Supreme Court, Appellate Division, Third Department, New York.

Oct. 24, 2013.


[973 N.Y.S.2d 495]


Flink Smith, LLC, Albany (Paul J. Campito of counsel), for appellants.

Phillips Lytle, LLP, Albany (Marc H. Goldberg of counsel), for respondent.


Before: LAHTINEN, J.P., STEIN, McCARTHY and EGAN Jr., JJ.

STEIN, J.

Appeal from an order of the Supreme Court (Aulisi, J.), entered October 31, 2012 in Schenectady County, which denied a motion by defendants Dhanwattie Dukharan and Roopnarian Dukharan to vacate a default judgment entered against them.

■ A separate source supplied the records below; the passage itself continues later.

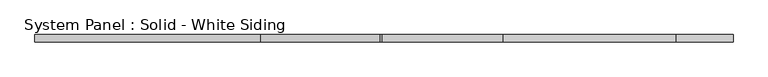
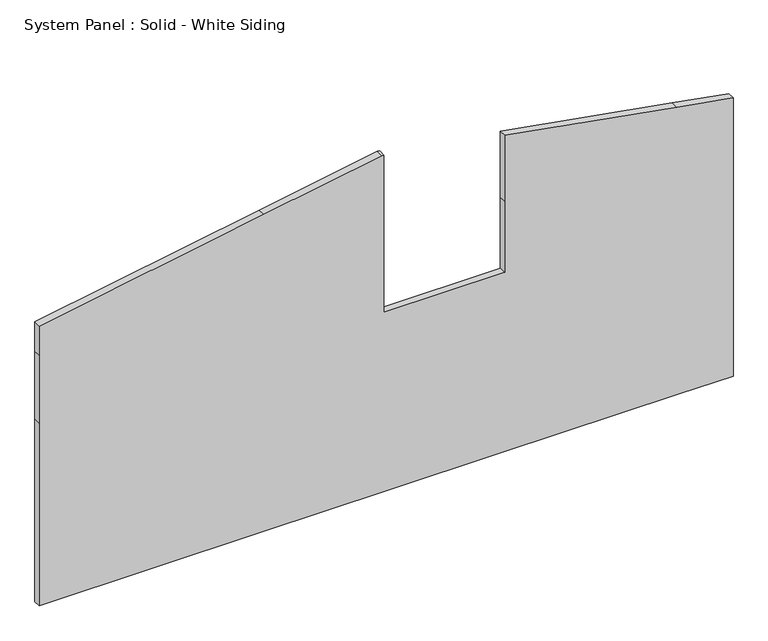
"""IFC4 building model written with IfcOpenShell, lengths in millimetres: plate geometry, System Panel : Solid - White Siding."""

from ifc_helpers import new_model, si_unit, frame, origin, place, context, project, spatial, polyline, outline, extrude, source, transform, mapped, element, save


def system_panel_solid_white_siding_d1a1bcec(model_context):
    return source(origin(), model_context, "Body", "SweptSolid", [
        extrude(outline(polyline([(0.0, -2959.1), (0.0, -1055.3257062), (0.0, 12.7), (0.0, 979.1257062), (0.0, 2489.2), (0.0, 2959.1), (1647.8580051, 2959.1), (2257.4580051, 2959.1), (2508.9751785, 2959.1), (2593.7755243, 2478.1733407), (2852.499686, 1010.8757062), (2257.4580051, 1010.8757062), (1616.1080051, 1010.8757062), (1616.1080051, -19.05), (2257.4580051, -19.05), (3034.1033761, -19.05), (3037.4624051, -38.1), (2860.0423651, -1044.2990469), (2522.4112944, -2959.1), (2257.4580051, -2959.1), (1647.8580051, -2959.1), (0.0, -2959.1)])), frame((0.0, -44.45, 0.0), z_axis=(0.0, 1.0, 0.0), x_axis=(0.0, 0.0, 1.0)), (0.0, 0.0, 1.0), 63.5),
    ])


if __name__ == "__main__":
    model = new_model("IFC4")
    model_context = context("Model", 3, world=origin())
    ifc_project = project(units=[si_unit("LENGTHUNIT", "METRE", prefix="MILLI")], contexts=[model_context])
    site = spatial("IfcSite", under=ifc_project)
    building = spatial("IfcBuilding", under=site)
    placement = place(None, origin())
    system_panel_solid_white_siding_shape = system_panel_solid_white_siding_d1a1bcec(model_context)
    element("IfcPlate", 1, ObjectType="System Panel : Solid - White Siding", at=placement, inside=building, context=model_context, shape_type="MappedRepresentation", body=[
        mapped(system_panel_solid_white_siding_shape, transform((0.0, 0.0, 0.0), x_axis=(1.0, 0.0, 0.0), y_axis=(0.0, 1.0, 0.0), z_axis=(0.0, 0.0, 1.0))),
    ])
    save(model, "model.ifc")

# Revit data of these elements
# Element 1 (IfcPlate, "System Panel : Solid - White Siding")
#   Materials on its faces: "White Siding"
# Materials
#   "White Siding": class "Unassigned", colour RGB 255 255 255, transparency 0
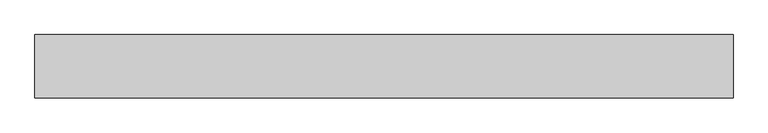
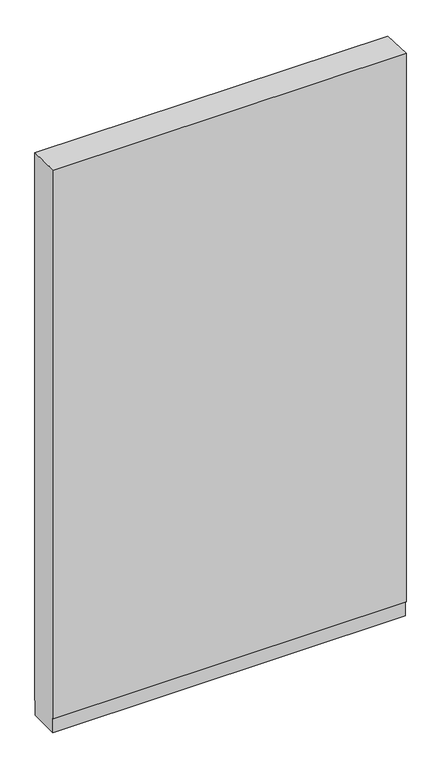
"""IFC4 building model written with IfcOpenShell, lengths in millimetres: proxy geometry, Generic Models 7:Generic Models 1:5:Generic Models 1:5 : Generic Models 7:Generic Models 1:337419:36 : Generic Models 7:Generic Models 1:5:Generic Models 1:5 : Generic Models 7:Generic Models 1:337419:311462."""

from ifc_helpers import new_model, si_unit, frame, origin, place, context, project, spatial, polyline, outline, extrude, source, transform, mapped, element, save


def generic_models_cd74a856(model_context):
    return source(origin(), model_context, "Body", "SweptSolid", [
        extrude(outline(polyline([(-530847.053884, 103.1875), (-530847.053884, 3729.5005208), (-530647.028884, 3721.1661458), (-530647.028884, 103.1875), (-530653.378884, 103.1875), (-530653.378884, 7.9375), (-530840.703884, 7.9375), (-530840.703884, 103.1875), (-530847.053884, 103.1875)])), frame((573105.3492239, 0.0, 0.0), z_axis=(1.0, 0.0, 0.0), x_axis=(0.0, 1.0, 0.0)), (0.0, 0.0, 1.0), 2205.0375),
    ])


if __name__ == "__main__":
    model = new_model("IFC4")
    model_context = context("Model", 3, world=origin())
    ifc_project = project(units=[si_unit("LENGTHUNIT", "METRE", prefix="MILLI")], contexts=[model_context])
    site = spatial("IfcSite", under=ifc_project)
    building = spatial("IfcBuilding", under=site)
    placement = place(None, origin())
    generic_models_shape = generic_models_cd74a856(model_context)
    element("IfcBuildingElementProxy", 1, Name="Generic Models 7:Generic Models 1:5:Generic Models 1:5 : Generic Models 7:Generic Models 1:337419:36 : Generic Models 7:Generic Models 1:5:Generic Models 1:5 : Generic Models 7:Generic Models 1:337419:311462", ObjectType="Generic Models 7:Generic Models 1:5:Generic Models 1:5 : Generic Models 7:Generic Models 1:337419:36 : Generic Models 7:Generic Models 1:5:Generic Models 1:5 : Generic Models 7:Generic Models 1:337419:311462", at=placement, inside=building, context=model_context, shape_type="MappedRepresentation", body=[
        mapped(generic_models_shape, transform((0.0, 0.0, 0.0), x_axis=(1.0, 0.0, 0.0), y_axis=(0.0, 1.0, 0.0), z_axis=(0.0, 0.0, 1.0))),
    ])
    save(model, "model.ifc")

# Revit data of these elements
# Type "Generic Models 7:Generic Models 1:5:Generic Models 1:5 : Generic Models 7:Generic Models 1:337419:36 : Generic Models 7:Generic Models 1:5:Generic Models 1:5 : Generic Models 7:Generic Models 1:337419:311462"
#   NameOverride = "Generic Models 7:Generic Models 1:5:Generic Models 1:5 : Generic Models 7:Generic Models 1:337419:311462"
#   ObjectTypeOverride = "Generic Models 1:5 : Generic Models 7:Generic Models 1:337419"
#   Reference = "Generic Models 1"
#   Tag = "311462"
# Element 1 (IfcBuildingElementProxy, "Generic Models 7:Generic Models 1:5:Generic Models 1:5 : Generic Models 7:Generic Models 1:337419:36 : Generic Models 7:Generic Models 1:5:Generic Models 1:5 : Generic Models 7:Generic Models 1:337419:311462")
#   Materials on its faces: "FULL CAVITY CLASS A FIBERGLASS INSULATION WITH DURABLE VAPOR BARRIER (BLACK) LINER"
# Materials
#   "FULL CAVITY CLASS A FIBERGLASS INSULATION WITH DURABLE VAPOR BARRIER (BLACK) LINER": class "Unassigned", colour RGB 158 92 175, transparency 0, Cost = 0
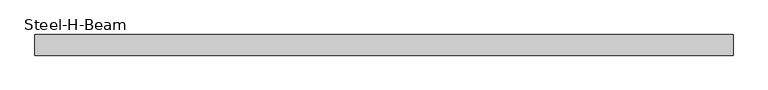
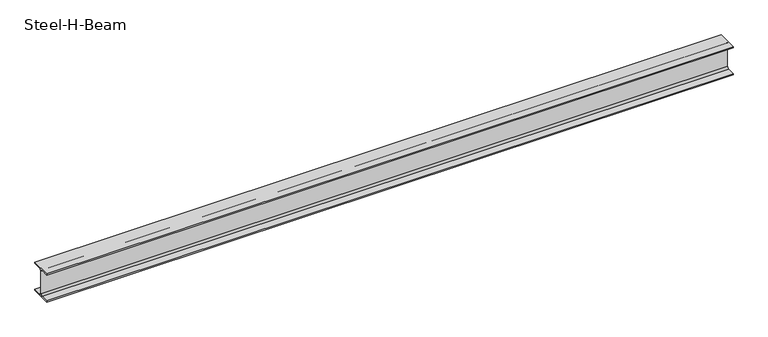
"""IFC4 building model written with IfcOpenShell, lengths in millimetres: beam geometry, Steel-H-Beam : BM121_H-294×200x8x12."""

import ifcopenshell
import ifcopenshell.guid

model = None  # the IFC model being written
_history = None  # IfcOwnerHistory: only IFC2X3 demands one
_inside = {}  # id of a spatial element -> (the spatial element, [elements in it])
_under = {}  # id of a project, library or spatial element -> (it, [spatial elements below it])
_declared = {}  # id of a project -> (the project, [libraries it declares])
_typed = {}  # id of a type object -> (the type object, [elements of that type])
_made_of = {}  # id of a material, layer set ... -> (it, [elements and type objects made of it])


def new_model(schema):
    """Start an empty IFC model of exactly this schema.

    Asked for "IFC4X3", IfcOpenShell would pick the latest addendum, in which some entities
    have other attributes; the version numbers below select the first issue.
    IFC2X3 requires an IfcOwnerHistory on every rooted entity: one is made here for all.
    """
    global model, _history
    if schema == "IFC4X3":
        model = ifcopenshell.file(schema_version=(4, 3, 0, 0))
    else:
        model = ifcopenshell.file(schema=schema)
    _inside.clear()
    _under.clear()
    _declared.clear()
    _typed.clear()
    _made_of.clear()
    _history = None
    if model.schema == "IFC2X3":
        org = make("IfcOrganization", Name="unknown")
        user = make(
            "IfcPersonAndOrganization",
            ThePerson=make("IfcPerson", FamilyName="unknown"),
            TheOrganization=org,
        )
        app = make(
            "IfcApplication",
            ApplicationDeveloper=org,
            Version="unknown",
            ApplicationFullName="unknown",
            ApplicationIdentifier="unknown",
        )
        _history = make(
            "IfcOwnerHistory",
            OwningUser=user,
            OwningApplication=app,
            ChangeAction="ADDED",
            CreationDate=0,
        )
    return model


def make(cls, **values):
    """One entity of the class cls with the attributes given. An attribute that is None is left unset."""
    return model.create_entity(
        cls, **{name: value for name, value in values.items() if value is not None}
    )


def rooted(cls, **values):
    """An entity with a GlobalId (a new one), such as an element, a storey or a relation."""
    return make(cls, GlobalId=ifcopenshell.guid.new(), OwnerHistory=_history, **values)


def si_unit(unit_type, name, prefix=None):
    """IfcSIUnit, for example si_unit("LENGTHUNIT", "METRE", prefix="MILLI")."""
    return make("IfcSIUnit", UnitType=unit_type, Prefix=prefix, Name=name)


def assignment(units):
    """IfcUnitAssignment: the units of a project."""
    return None if units is None else make("IfcUnitAssignment", Units=units)


def point(xyz):
    """IfcCartesianPoint."""
    return None if xyz is None else make("IfcCartesianPoint", Coordinates=xyz)


def direction(xyz):
    """IfcDirection."""
    return None if xyz is None else make("IfcDirection", DirectionRatios=xyz)


def frame(location, z_axis=None, x_axis=None):
    """IfcAxis2Placement3D, a coordinate frame: its origin and axes. An axis left out is left unset."""
    return make(
        "IfcAxis2Placement3D",
        Location=point(location),
        Axis=direction(z_axis),
        RefDirection=direction(x_axis),
    )


def frame_2d(location, x_axis=None):
    """IfcAxis2Placement2D, a coordinate frame in the plane: its origin and x axis."""
    return make(
        "IfcAxis2Placement2D", Location=point(location), RefDirection=direction(x_axis)
    )


def origin():
    """The frame at (0, 0, 0) with its axes left unset."""
    return frame((0.0, 0.0, 0.0))


def place(relative_to, where):
    """IfcLocalPlacement: puts the frame where relative to a parent placement (None: the world)."""
    return make(
        "IfcLocalPlacement", PlacementRelTo=relative_to, RelativePlacement=where
    )


def context(
    kind, dimensions, precision=None, world=None, true_north=None, identifier=None
):
    """IfcGeometricRepresentationContext, for example the 3D "Model" context."""
    return make(
        "IfcGeometricRepresentationContext",
        ContextIdentifier=identifier,
        ContextType=kind,
        CoordinateSpaceDimension=dimensions,
        Precision=precision,
        WorldCoordinateSystem=world,
        TrueNorth=true_north,
    )


def project(units=None, contexts=None):
    """IfcProject with its units and contexts."""
    return rooted(
        "IfcProject",
        Name="project",
        RepresentationContexts=contexts,
        UnitsInContext=assignment(units),
    )


def spatial(cls, under=None, at=None, **own):
    """A site, building, storey or space (cls), placed at a placement, below another one or the project."""
    s = rooted(cls, ObjectPlacement=at, **own)
    if under is not None:
        _under.setdefault(under.id(), (under, []))[1].append(s)
    return s


def polyline(points):
    """IfcPolyline through the points."""
    return make("IfcPolyline", Points=[point(p) for p in points])


def circle_curve(where, radius):
    """IfcCircle in the frame where."""
    return make("IfcCircle", Position=where, Radius=radius)


def trimmed(basis, trim1, trim2, sense, master):
    """IfcTrimmedCurve: the piece of a basis curve between two trims."""
    return make(
        "IfcTrimmedCurve",
        BasisCurve=basis,
        Trim1=trim1,
        Trim2=trim2,
        SenseAgreement=sense,
        MasterRepresentation=master,
    )


def segment(curve, same_sense, transition):
    """IfcCompositeCurveSegment."""
    return make(
        "IfcCompositeCurveSegment",
        Transition=transition,
        SameSense=same_sense,
        ParentCurve=curve,
    )


def composite_curve(segments, self_intersect=None):
    """IfcCompositeCurve: segments joined end to end."""
    return make("IfcCompositeCurve", Segments=segments, SelfIntersect=self_intersect)


def outline(outer, holes=None, kind="AREA"):
    """IfcArbitraryClosedProfileDef: a profile drawn as a closed curve; with holes, ...WithVoids."""
    if holes is None:
        return make("IfcArbitraryClosedProfileDef", ProfileType=kind, OuterCurve=outer)
    return make(
        "IfcArbitraryProfileDefWithVoids",
        ProfileType=kind,
        OuterCurve=outer,
        InnerCurves=holes,
    )


def extrude(swept, where, along, depth):
    """IfcExtrudedAreaSolid: the profile swept, set in the frame where, extruded along a direction by depth."""
    return make(
        "IfcExtrudedAreaSolid",
        SweptArea=swept,
        Position=where,
        ExtrudedDirection=direction(along),
        Depth=depth,
    )


def shape(context_of_items, identifier, shape_type, items):
    """IfcShapeRepresentation: the items that make up one representation, for example the "Body"."""
    return make(
        "IfcShapeRepresentation",
        ContextOfItems=context_of_items,
        RepresentationIdentifier=identifier,
        RepresentationType=shape_type,
        Items=items,
    )


def source(mapping_origin, context_of_items, identifier, shape_type, items):
    """IfcRepresentationMap: a shape defined once, which mapped items show again and again."""
    return make(
        "IfcRepresentationMap",
        MappingOrigin=mapping_origin,
        MappedRepresentation=shape(context_of_items, identifier, shape_type, items),
    )


def transform(
    local_origin,
    x_axis=None,
    y_axis=None,
    z_axis=None,
    scale=None,
    scale2=None,
    scale3=None,
    uniform=True,
):
    """IfcCartesianTransformationOperator3D, or its non-uniform kind. x_axis, y_axis, z_axis: its Axis1, 2, 3."""
    if uniform:
        return make(
            "IfcCartesianTransformationOperator3D",
            Axis1=direction(x_axis),
            Axis2=direction(y_axis),
            LocalOrigin=point(local_origin),
            Scale=scale,
            Axis3=direction(z_axis),
        )
    return make(
        "IfcCartesianTransformationOperator3DnonUniform",
        Axis1=direction(x_axis),
        Axis2=direction(y_axis),
        LocalOrigin=point(local_origin),
        Scale=scale,
        Axis3=direction(z_axis),
        Scale2=scale2,
        Scale3=scale3,
    )


def mapped(mapping_source, mapping_target):
    """IfcMappedItem: shows the shape of a source again, moved by a transform."""
    return make(
        "IfcMappedItem", MappingSource=mapping_source, MappingTarget=mapping_target
    )


def made_of(thing, what):
    """Note that an element or type object is made of a material, layer set ...; save() writes the relation."""
    if what is not None:
        _made_of.setdefault(what.id(), (what, []))[1].append(thing)
    return thing


def element(
    cls,
    number,
    at=None,
    inside=None,
    cuts=None,
    type_object=None,
    material=None,
    context=None,
    identifier="Body",
    shape_type=None,
    held_by="IfcProductDefinitionShape",
    body=None,
    shapes=None,
    **own,
):
    """One element of the class cls, such as IfcWall. Its Tag is "e" and its number.

    at: its placement. inside: the storey or other place that contains it. cuts: it is an
    opening in that element (IfcRelVoidsElement). A single representation is given by context,
    identifier, shape_type and body (its items); several are given by shapes. held_by: the class
    of the entity that holds the representations. save() writes the other relations.
    """
    e = rooted(cls, Tag="e%d" % number, ObjectPlacement=at, **own)
    if body is not None:
        shapes = [shape(context, identifier, shape_type, body)]
    if shapes is not None:
        e.Representation = make(held_by, Representations=shapes)
    if inside is not None:
        _inside.setdefault(inside.id(), (inside, []))[1].append(e)
    if cuts is not None:
        rooted(
            "IfcRelVoidsElement", RelatingBuildingElement=cuts, RelatedOpeningElement=e
        )
    if type_object is not None:
        _typed.setdefault(type_object.id(), (type_object, []))[1].append(e)
    return made_of(e, material)


def aggregate(whole, parts):
    """IfcRelAggregates: a whole, such as a stair, and the parts it consists of."""
    return rooted("IfcRelAggregates", RelatingObject=whole, RelatedObjects=parts)


def save(model, path):
    """Write the relations noted so far, then the file.

    IfcRelAggregates (storeys below a building ...), IfcRelContainedInSpatialStructure (elements
    in a storey), IfcRelDefinesByType, IfcRelAssociatesMaterial and IfcRelDeclares: one each for
    every whole, place, type object, material and project.
    """
    for whole, parts in _under.values():
        aggregate(whole, parts)
    for where, things in _inside.values():
        rooted(
            "IfcRelContainedInSpatialStructure",
            RelatedElements=things,
            RelatingStructure=where,
        )
    for kind, things in _typed.values():
        rooted("IfcRelDefinesByType", RelatedObjects=things, RelatingType=kind)
    for what, things in _made_of.values():
        rooted("IfcRelAssociatesMaterial", RelatedObjects=things, RelatingMaterial=what)
    for by, libraries in _declared.values():
        rooted("IfcRelDeclares", RelatingContext=by, RelatedDefinitions=libraries)
    model.write(path)


def steel_h_beam_4d9bb108(model_context):
    return source(origin(), model_context, "Body", "SweptSolid", [
        extrude(outline(composite_curve([segment(polyline([(100.0, -135.0), (100.0, -147.0), (-100.0, -147.0), (-100.0, -135.0), (-22.0, -135.0)]), True, "CONTINUOUS"), segment(trimmed(circle_curve(frame_2d((-22.0, -117.0)), 18.0), [point((-22.0, -135.0))], [point((-4.0, -117.0))], True, "CARTESIAN"), True, "CONTINUOUS"), segment(polyline([(-4.0, -117.0), (-4.0, 117.0)]), True, "CONTINUOUS"), segment(trimmed(circle_curve(frame_2d((-22.0, 117.0)), 18.0), [point((-4.0, 117.0))], [point((-22.0, 135.0))], True, "CARTESIAN"), True, "CONTINUOUS"), segment(polyline([(-22.0, 135.0), (-100.0, 135.0), (-100.0, 147.0), (100.0, 147.0), (100.0, 135.0), (22.0, 135.0)]), True, "CONTINUOUS"), segment(trimmed(circle_curve(frame_2d((22.0, 117.0)), 18.0), [point((22.0, 135.0))], [point((4.0, 117.0))], True, "CARTESIAN"), True, "CONTINUOUS"), segment(polyline([(4.0, 117.0), (4.0, -117.0)]), True, "CONTINUOUS"), segment(trimmed(circle_curve(frame_2d((22.0, -117.0)), 18.0), [point((4.0, -117.0))], [point((22.0, -135.0))], True, "CARTESIAN"), True, "CONTINUOUS"), segment(polyline([(22.0, -135.0), (100.0, -135.0)]), True, "CONTINUOUS")], self_intersect=False)), frame((-3390.0, 0.0, 0.0), z_axis=(1.0, 0.0, 0.0), x_axis=(0.0, 1.0, 0.0)), (0.0, 0.0, 1.0), 6780.0),
    ])


if __name__ == "__main__":
    model = new_model("IFC4")
    model_context = context("Model", 3, world=origin())
    ifc_project = project(units=[si_unit("LENGTHUNIT", "METRE", prefix="MILLI")], contexts=[model_context])
    site = spatial("IfcSite", under=ifc_project)
    building = spatial("IfcBuilding", under=site)
    placement = place(None, origin())
    steel_h_beam_shape = steel_h_beam_4d9bb108(model_context)
    element("IfcBeam", 1, ObjectType="Steel-H-Beam : BM121_H-294×200x8x12", at=placement, inside=building, context=model_context, shape_type="MappedRepresentation", body=[
        mapped(steel_h_beam_shape, transform((0.0, 0.0, 0.0), x_axis=(1.0, 0.0, 0.0), y_axis=(0.0, 1.0, 0.0), z_axis=(0.0, 0.0, 1.0))),
    ])
    save(model, "model.ifc")

# Revit data of these elements
# Type "Steel-H-Beam : BM121_H-294×200x8x12"
#   Surface Area = 1.3411 m²/m
#   Section Area = 72.3812 cm²
#   Mass per Unit Length = 56.8193 kg/m
#   Length [instance default] = 3000 mm
#   B = 200 mm
#   H = 294 mm
#   r = 18 mm
#   tw = 8 mm
#   tf = 12 mm
#   hec_material4 [instance default] = none
#   hec_material3 [instance default] = none
#   hec_material2 [instance default] = none
#   hec_material1 [instance default] = none
#   Structural Material [instance default] = Steel, 45-345
#   Assembly Code = ""
# Element 1 (IfcBeam, "Steel-H-Beam : BM121_H-294×200x8x12")
#   hec_material3 = F01AC000-00002_Building/Shelter Fire Proofing Work_Intumescent Coating Type_1 hr. rating (UL 1709))
#   hec_material2 = S01AA010-00002_Main Steel Structure Fabrication Work_Shelter/Building_Steel Painting/Coating_for Fireproofed Steel Surface, Surface Preparation & Primer Coat
#   hec_material1 = S03AA028-00001_Main Steel Structure Erection Work_Shelter/Building_Medium Steel
#   Structural Material = S01AA002-00001_Main Steel Structure Fabrication Work_Shelter/Building_Medium Steel - Standard
#   Materials on its faces: "S01AA002-00001_Main Steel Structure Fabrication Work_Shelter/Building_Medium Steel - Standard"
# Materials
#   "Steel, 45-345": class "Metal", colour RGB 189 187 185, transparency 0, Description = "Steel 345 MPa", Cost = 0
#   "S01AA002-00001_Main Steel Structure Fabrication Work_Shelter/Building_Medium Steel - Standard": class "Metal", colour RGB 120 120 120, transparency 0, Comments = "(90KG/M>Weight≥30KG/M)", Description = "Structural steel 50ksi", W00) Work Master Code = "S01AA002-0001", W01) Work Master_Lv1 = "Main Steel Structure Fabrication Work", W02) Work Master_Lv2 = "Shelter/Building", W03) Work Master_Spec.1 = "Medium Steel - Standard (90KG/M>Weight≥30KG/M)", Cost = 0
#   "F01AC000-00002_Building/Shelter Fire Proofing Work_Intumescent Coating Type_1 hr. rating (UL 1709))": class "Metal", colour RGB 255 128 128, transparency 0, Description = "Paint finished steel", W00) Work Master Code = "F01AC000-00002", W01) Work Master_Lv1 = "Building/Shelter Fire Proofing Work", W02) Work Master_Lv2 = "Intumescent Coating Type", W03) Work Master_Spec.1 = "1 hr. rating (UL 1709)", Cost = 0
#   "S01AA010-00002_Main Steel Structure Fabrication Work_Shelter/Building_Steel Painting/Coating_for Fireproofed Steel Surface, Surface Preparation & Primer Coat": class "Metal", colour RGB 120 120 120, transparency 0, Description = "Paint finished steel", W00) Work Master Code = "SS01AA010-00002", W01) Work Master_Lv1 = "Main Steel Structure Fabrication Work", W02) Work Master_Lv2 = "Shelter/Building", W03) Work Master_Spec.1 = "Steel Painting/Coating", W04) Work Master_Spec.2 = "for Fireproofed Steel Surface, Surface Preparation & Primer Coat", Cost = 0
#   "S03AA028-00001_Main Steel Structure Erection Work_Shelter/Building_Medium Steel": class "Metal", colour RGB 120 120 120, transparency 0, Comments = "(90KG/M>Weight≥30KG/M)", Description = "Structural steel 50ksi", W00) Work Master Code = "S03AA028-0001", W01) Work Master_Lv1 = "Main Steel Structure Erection Work", W02) Work Master_Lv2 = "Shelter/Building", W03) Work Master_Spec.1 = "Medium Steel (90KG/M>Weight≥30KG/M)", Cost = 0

In 2007, plaintiff commenced this action against defendants Dhanwattie Dukharan and Roopnarian Dukharan (hereinafter collectively referred to as defendants) and their daughter, defendant Rosetta Dukharan, to recover damages for injuries that he sustained when he was bitten by their dog. Defendants were served with a copy of the summons and complaint pursuant to CPLR 308(2). Defendants failed to appear and Supreme Court (J. Sise, J.) entered an order finding them in default pursuant to CPLR 3215. Following a subsequent inquest, Supreme Court (Aulisi, J.) issued a judgment in March 2009 awarding plaintiff damages. In April 2010, defendants moved to vacate the default judgment, alleging that they never received the summons and complaint and were otherwise unaware that an action had been commenced against them. Upon Supreme Court's denial of defendants' motion, this appeal ensued.1

We affirm. “[A] party seeking to vacate a default judgment must demonstrate a reasonable excuse for default and a meritorious defense” ( Capital Compost & Waste Reduction Servs., LLC v. MacDonald, 73 A.D.3d 1311, 1312, 900 N.Y.S.2d 790 [2010] [internal quotation marks and citation omitted]; seeCPLR 5015[a][1]; Wadsworth v. Sweet, 106 A.D.3d 1433, 1434, 966 N.Y.S.2d 584 [2013];Matter of Toyota Motor Credit Corp. v. Impressive Auto Ctr., Inc., 80 A.D.3d 861, 862, 915 N.Y.S.2d 657 [2011] ), and the determination of whether vacatur is warranted lies within the sound discretion of the trial court ( see Wadsworth v. Sweet, 106 A.D.3d at 1434, 966 N.Y.S.2d 584;Abel v. Estate of Collins, 73 A.D.3d 1423, 1424, 901 N.Y.S.2d 749 [2010];

[973 N.Y.S.2d 496]

F & K Supply, Inc. v. Shean, 56 A.D.3d 1076, 1077, 869 N.Y.S.2d 257 [2008] ). Here, defendants' proffered excuse for the default was their conclusory denial...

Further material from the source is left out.